紅羅帳內,白發的男人饜足的靠著床榻,微微閉著眼睛,嘴角帶著淺淡的笑意。他懷裏靠著一個散發的美人,三千青絲順著肩背垂下繞在床榻之上。三千青絲繞,三千青絲纏,美人微微睜著眼睛,漂亮的眼瞳已然失了神采,嫣紅的朱唇微啟,修長的雙手垂於身側,似是再也提不起半絲力氣。白發男子帶著笑意摟著美人,一只手不懷好意的向下探去,覆在美人雪白的臀、瓣之上,輕輕搓揉。美人半盒著眼,隨著那人的逗弄哼出幾聲甜膩嚶、嚀。

白發男人向前湊了湊,吐息敲打在美人的耳側,引得美人不由一陣顫、栗,“這次在盛安中留多久要不隨我一同去南方游山玩水如何?”

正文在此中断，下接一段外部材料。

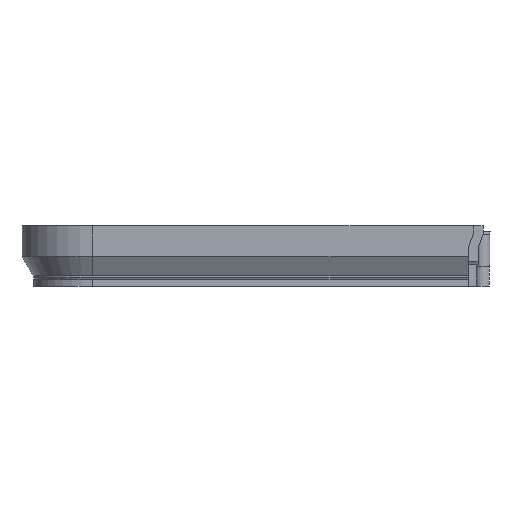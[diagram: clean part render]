
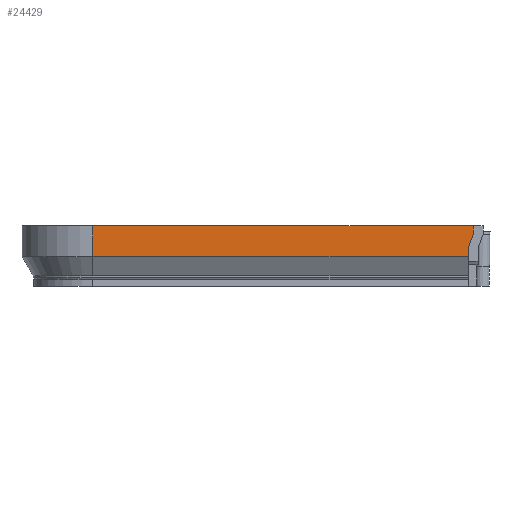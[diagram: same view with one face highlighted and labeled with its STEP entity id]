
A CAD part, left-side view. The second image highlights one B-rep face of the part: STEP entity #24429.
In plain terms, the highlighted planar face has unit normal (-1, 0, 0).
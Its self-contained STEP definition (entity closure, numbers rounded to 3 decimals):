
#2183 = PLANE('',#2184);
#2184 = AXIS2_PLACEMENT_3D('',#2185,#2186,#2187);
#2185 = CARTESIAN_POINT('',(0.,-3.198,24.5));
#2186 = DIRECTION('',(0.,0.,1.));
#2187 = DIRECTION('',(1.,0.,-0.));
#10111 = VERTEX_POINT('',#10112);
#10112 = CARTESIAN_POINT('',(-196.5,152.,24.5));
#10127 = CYLINDRICAL_SURFACE('',#10128,28.5);
#10128 = AXIS2_PLACEMENT_3D('',#10129,#10130,#10131);
#10129 = CARTESIAN_POINT('',(-168.,152.,12.));
#10130 = DIRECTION('',(-0.,-0.,-1.));
#10131 = DIRECTION('',(1.,0.,-0.));
#10139 = EDGE_CURVE('',#10111,#10140,#10142,.T.);
#10140 = VERTEX_POINT('',#10141);
#10141 = CARTESIAN_POINT('',(-196.5,-1.9,24.5));
#10142 = SURFACE_CURVE('',#10143,(#10147,#10154),.PCURVE_S1.);
#10143 = LINE('',#10144,#10145);
#10144 = CARTESIAN_POINT('',(-196.5,152.,24.5));
#10145 = VECTOR('',#10146,1.);
#10146 = DIRECTION('',(0.,-1.,0.));
#10147 = PCURVE('',#2183,#10148);
#10148 = DEFINITIONAL_REPRESENTATION('',(#10149),#10153);
#10149 = LINE('',#10150,#10151);
#10150 = CARTESIAN_POINT('',(-196.5,155.198));
#10151 = VECTOR('',#10152,1.);
#10152 = DIRECTION('',(0.,-1.));
#10153 = ( GEOMETRIC_REPRESENTATION_CONTEXT(2) 
PARAMETRIC_REPRESENTATION_CONTEXT() REPRESENTATION_CONTEXT('2D SPACE',''
  ) );
#10154 = PCURVE('',#10155,#10160);
#10155 = PLANE('',#10156);
#10156 = AXIS2_PLACEMENT_3D('',#10157,#10158,#10159);
#10157 = CARTESIAN_POINT('',(-196.5,152.,12.));
#10158 = DIRECTION('',(1.,0.,-0.));
#10159 = DIRECTION('',(0.,-1.,0.));
#10160 = DEFINITIONAL_REPRESENTATION('',(#10161),#10165);
#10161 = LINE('',#10162,#10163);
#10162 = CARTESIAN_POINT('',(0.,-12.5));
#10163 = VECTOR('',#10164,1.);
#10164 = DIRECTION('',(1.,0.));
#10165 = ( GEOMETRIC_REPRESENTATION_CONTEXT(2) 
PARAMETRIC_REPRESENTATION_CONTEXT() REPRESENTATION_CONTEXT('2D SPACE',''
  ) );
#10182 = PLANE('',#10183);
#10183 = AXIS2_PLACEMENT_3D('',#10184,#10185,#10186);
#10184 = CARTESIAN_POINT('',(-245.9,-1.9,38.));
#10185 = DIRECTION('',(0.,-1.,0.));
#10186 = DIRECTION('',(1.,0.,0.));
#23549 = B_SPLINE_SURFACE_WITH_KNOTS('',1,1,(
    (#23550,#23551)
    ,(#23552,#23553
    )),.UNSPECIFIED.,.F.,.F.,.F.,(2,2),(2,2),(0.,332.5),(0.,1.),
  .PIECEWISE_BEZIER_KNOTS.);
#23550 = CARTESIAN_POINT('',(-192.,152.,4.2));
#23551 = CARTESIAN_POINT('',(-196.5,152.,12.));
#23552 = CARTESIAN_POINT('',(-192.,-176.,4.2));
#23553 = CARTESIAN_POINT('',(-196.5,-180.5,12.));
#23847 = EDGE_CURVE('',#10111,#23848,#23850,.T.);
#23848 = VERTEX_POINT('',#23849);
#23849 = CARTESIAN_POINT('',(-196.5,152.,12.));
#23850 = SURFACE_CURVE('',#23851,(#23855,#23862),.PCURVE_S1.);
#23851 = LINE('',#23852,#23853);
#23852 = CARTESIAN_POINT('',(-196.5,152.,24.5));
#23853 = VECTOR('',#23854,1.);
#23854 = DIRECTION('',(0.,0.,-1.));
#23855 = PCURVE('',#10127,#23856);
#23856 = DEFINITIONAL_REPRESENTATION('',(#23857),#23861);
#23857 = LINE('',#23858,#23859);
#23858 = CARTESIAN_POINT('',(-3.142,-12.5));
#23859 = VECTOR('',#23860,1.);
#23860 = DIRECTION('',(0.,1.));
#23861 = ( GEOMETRIC_REPRESENTATION_CONTEXT(2) 
PARAMETRIC_REPRESENTATION_CONTEXT() REPRESENTATION_CONTEXT('2D SPACE',''
  ) );
#23862 = PCURVE('',#10155,#23863);
#23863 = DEFINITIONAL_REPRESENTATION('',(#23864),#23868);
#23864 = LINE('',#23865,#23866);
#23865 = CARTESIAN_POINT('',(0.,-12.5));
#23866 = VECTOR('',#23867,1.);
#23867 = DIRECTION('',(0.,1.));
#23868 = ( GEOMETRIC_REPRESENTATION_CONTEXT(2) 
PARAMETRIC_REPRESENTATION_CONTEXT() REPRESENTATION_CONTEXT('2D SPACE',''
  ) );
#24265 = PLANE('',#24266);
#24266 = AXIS2_PLACEMENT_3D('',#24267,#24268,#24269);
#24267 = CARTESIAN_POINT('',(-245.9,0.1,8.));
#24268 = DIRECTION('',(0.,-1.,0.));
#24269 = DIRECTION('',(1.,0.,0.));
#24372 = PLANE('',#24373);
#24373 = AXIS2_PLACEMENT_3D('',#24374,#24375,#24376);
#24374 = CARTESIAN_POINT('',(-245.9,-1.9,21.));
#24375 = DIRECTION('',(0.,-0.94,-0.342));
#24376 = DIRECTION('',(1.,0.,0.));
#24386 = EDGE_CURVE('',#10140,#24387,#24389,.T.);
#24387 = VERTEX_POINT('',#24388);
#24388 = CARTESIAN_POINT('',(-196.5,-1.9,21.));
#24389 = SURFACE_CURVE('',#24390,(#24394,#24400),.PCURVE_S1.);
#24390 = LINE('',#24391,#24392);
#24391 = CARTESIAN_POINT('',(-196.5,-1.9,25.));
#24392 = VECTOR('',#24393,1.);
#24393 = DIRECTION('',(0.,-0.,-1.));
#24394 = PCURVE('',#10182,#24395);
#24395 = DEFINITIONAL_REPRESENTATION('',(#24396),#24399);
#24396 = B_SPLINE_CURVE_WITH_KNOTS('',1,(#24397,#24398),.UNSPECIFIED.,
  .F.,.F.,(2,2),(0.5,4.),.PIECEWISE_BEZIER_KNOTS.);
#24397 = CARTESIAN_POINT('',(49.4,-13.5));
#24398 = CARTESIAN_POINT('',(49.4,-17.));
#24399 = ( GEOMETRIC_REPRESENTATION_CONTEXT(2) 
PARAMETRIC_REPRESENTATION_CONTEXT() REPRESENTATION_CONTEXT('2D SPACE',''
  ) );
#24400 = PCURVE('',#10155,#24401);
#24401 = DEFINITIONAL_REPRESENTATION('',(#24402),#24405);
#24402 = B_SPLINE_CURVE_WITH_KNOTS('',1,(#24403,#24404),.UNSPECIFIED.,
  .F.,.F.,(2,2),(0.5,4.),.PIECEWISE_BEZIER_KNOTS.);
#24403 = CARTESIAN_POINT('',(153.9,-12.5));
#24404 = CARTESIAN_POINT('',(153.9,-9.));
#24405 = ( GEOMETRIC_REPRESENTATION_CONTEXT(2) 
PARAMETRIC_REPRESENTATION_CONTEXT() REPRESENTATION_CONTEXT('2D SPACE',''
  ) );
#24429 = ADVANCED_FACE('',(#24430),#10155,.F.);
#24430 = FACE_BOUND('',#24431,.F.);
#24431 = EDGE_LOOP('',(#24432,#24433,#24434,#24435,#24456,#24477));
#24432 = ORIENTED_EDGE('',*,*,#23847,.F.);
#24433 = ORIENTED_EDGE('',*,*,#10139,.T.);
#24434 = ORIENTED_EDGE('',*,*,#24386,.T.);
#24435 = ORIENTED_EDGE('',*,*,#24436,.T.);
#24436 = EDGE_CURVE('',#24387,#24437,#24439,.T.);
#24437 = VERTEX_POINT('',#24438);
#24438 = CARTESIAN_POINT('',(-196.5,0.1,15.5));
#24439 = SURFACE_CURVE('',#24440,(#24444,#24450),.PCURVE_S1.);
#24440 = LINE('',#24441,#24442);
#24441 = CARTESIAN_POINT('',(-196.5,8.532,-7.688));
#24442 = VECTOR('',#24443,1.);
#24443 = DIRECTION('',(-0.,0.342,-0.94));
#24444 = PCURVE('',#10155,#24445);
#24445 = DEFINITIONAL_REPRESENTATION('',(#24446),#24449);
#24446 = B_SPLINE_CURVE_WITH_KNOTS('',1,(#24447,#24448),.UNSPECIFIED.,
  .F.,.F.,(2,2),(-30.526,-24.674),
  .PIECEWISE_BEZIER_KNOTS.);
#24447 = CARTESIAN_POINT('',(153.9,-9.));
#24448 = CARTESIAN_POINT('',(151.9,-3.5));
#24449 = ( GEOMETRIC_REPRESENTATION_CONTEXT(2) 
PARAMETRIC_REPRESENTATION_CONTEXT() REPRESENTATION_CONTEXT('2D SPACE',''
  ) );
#24450 = PCURVE('',#24372,#24451);
#24451 = DEFINITIONAL_REPRESENTATION('',(#24452),#24455);
#24452 = B_SPLINE_CURVE_WITH_KNOTS('',1,(#24453,#24454),.UNSPECIFIED.,
  .F.,.F.,(2,2),(-30.526,-24.674),
  .PIECEWISE_BEZIER_KNOTS.);
#24453 = CARTESIAN_POINT('',(49.4,0.));
#24454 = CARTESIAN_POINT('',(49.4,-5.852));
#24455 = ( GEOMETRIC_REPRESENTATION_CONTEXT(2) 
PARAMETRIC_REPRESENTATION_CONTEXT() REPRESENTATION_CONTEXT('2D SPACE',''
  ) );
#24456 = ORIENTED_EDGE('',*,*,#24457,.T.);
#24457 = EDGE_CURVE('',#24437,#24458,#24460,.T.);
#24458 = VERTEX_POINT('',#24459);
#24459 = CARTESIAN_POINT('',(-196.5,0.1,12.));
#24460 = SURFACE_CURVE('',#24461,(#24465,#24471),.PCURVE_S1.);
#24461 = LINE('',#24462,#24463);
#24462 = CARTESIAN_POINT('',(-196.5,0.1,10.));
#24463 = VECTOR('',#24464,1.);
#24464 = DIRECTION('',(0.,-0.,-1.));
#24465 = PCURVE('',#10155,#24466);
#24466 = DEFINITIONAL_REPRESENTATION('',(#24467),#24470);
#24467 = B_SPLINE_CURVE_WITH_KNOTS('',1,(#24468,#24469),.UNSPECIFIED.,
  .F.,.F.,(2,2),(-5.5,-2.),.PIECEWISE_BEZIER_KNOTS.);
#24468 = CARTESIAN_POINT('',(151.9,-3.5));
#24469 = CARTESIAN_POINT('',(151.9,0.));
#24470 = ( GEOMETRIC_REPRESENTATION_CONTEXT(2) 
PARAMETRIC_REPRESENTATION_CONTEXT() REPRESENTATION_CONTEXT('2D SPACE',''
  ) );
#24471 = PCURVE('',#24265,#24472);
#24472 = DEFINITIONAL_REPRESENTATION('',(#24473),#24476);
#24473 = B_SPLINE_CURVE_WITH_KNOTS('',1,(#24474,#24475),.UNSPECIFIED.,
  .F.,.F.,(2,2),(-5.5,-2.),.PIECEWISE_BEZIER_KNOTS.);
#24474 = CARTESIAN_POINT('',(49.4,7.5));
#24475 = CARTESIAN_POINT('',(49.4,4.));
#24476 = ( GEOMETRIC_REPRESENTATION_CONTEXT(2) 
PARAMETRIC_REPRESENTATION_CONTEXT() REPRESENTATION_CONTEXT('2D SPACE',''
  ) );
#24477 = ORIENTED_EDGE('',*,*,#24478,.F.);
#24478 = EDGE_CURVE('',#23848,#24458,#24479,.T.);
#24479 = SURFACE_CURVE('',#24480,(#24484,#24491),.PCURVE_S1.);
#24480 = LINE('',#24481,#24482);
#24481 = CARTESIAN_POINT('',(-196.5,152.,12.));
#24482 = VECTOR('',#24483,1.);
#24483 = DIRECTION('',(0.,-1.,0.));
#24484 = PCURVE('',#10155,#24485);
#24485 = DEFINITIONAL_REPRESENTATION('',(#24486),#24490);
#24486 = LINE('',#24487,#24488);
#24487 = CARTESIAN_POINT('',(0.,0.));
#24488 = VECTOR('',#24489,1.);
#24489 = DIRECTION('',(1.,0.));
#24490 = ( GEOMETRIC_REPRESENTATION_CONTEXT(2) 
PARAMETRIC_REPRESENTATION_CONTEXT() REPRESENTATION_CONTEXT('2D SPACE',''
  ) );
#24491 = PCURVE('',#23549,#24492);
#24492 = DEFINITIONAL_REPRESENTATION('',(#24493),#24497);
#24493 = LINE('',#24494,#24495);
#24494 = CARTESIAN_POINT('',(0.,1.));
#24495 = VECTOR('',#24496,1.);
#24496 = DIRECTION('',(1.,0.));
#24497 = ( GEOMETRIC_REPRESENTATION_CONTEXT(2) 
PARAMETRIC_REPRESENTATION_CONTEXT() REPRESENTATION_CONTEXT('2D SPACE',''
  ) );

他懷中的美人輕輕的掙動了幾下,眼神慢慢恢覆了清明。那烏發的美人沒好氣的拍開白發男人作亂的手,幹脆利落的從地上把散落的衣衫一件件撿起來,快速的套在身上。

美人回身瞪了那人一眼,眼神不鹹不淡的垂下,閃過一絲無奈之意,“不行。陛下讓我去西面的白骨崗剿滅盤踞在那裏的一只妖軍。”

白發男人大馬金刀的往前跨了一步,從後抱住那烏發的美人,食指卷著美人的青絲愛不釋手的把玩。

他聲音裏帶著慵懶,“誒,夫人為何不能在為夫身邊多待些時日”

美人沒好氣的擡肘打向他的腹部,引的白發男人抱住肚子哇哇直叫,“有病找太醫。”

美人瀟灑的甩了甩頭發,登上鞋子,頭也不回的就出了屋子。白發男人捧著肚子笑盈盈的從地上爬起來,望著美人慢慢離去的背影,嘴角綻開了一個淺淡的笑意。

一個小丫鬟急匆匆的從院中沖了過來,紮著小髻子,神色有些著急,見了那白發男子,她趕忙行了個禮,急切道:“先生,車馬備好了。是否今日南下”

白發男人勾了勾嘴角,套上自己的外衣,慵懶的“嗯”了一聲。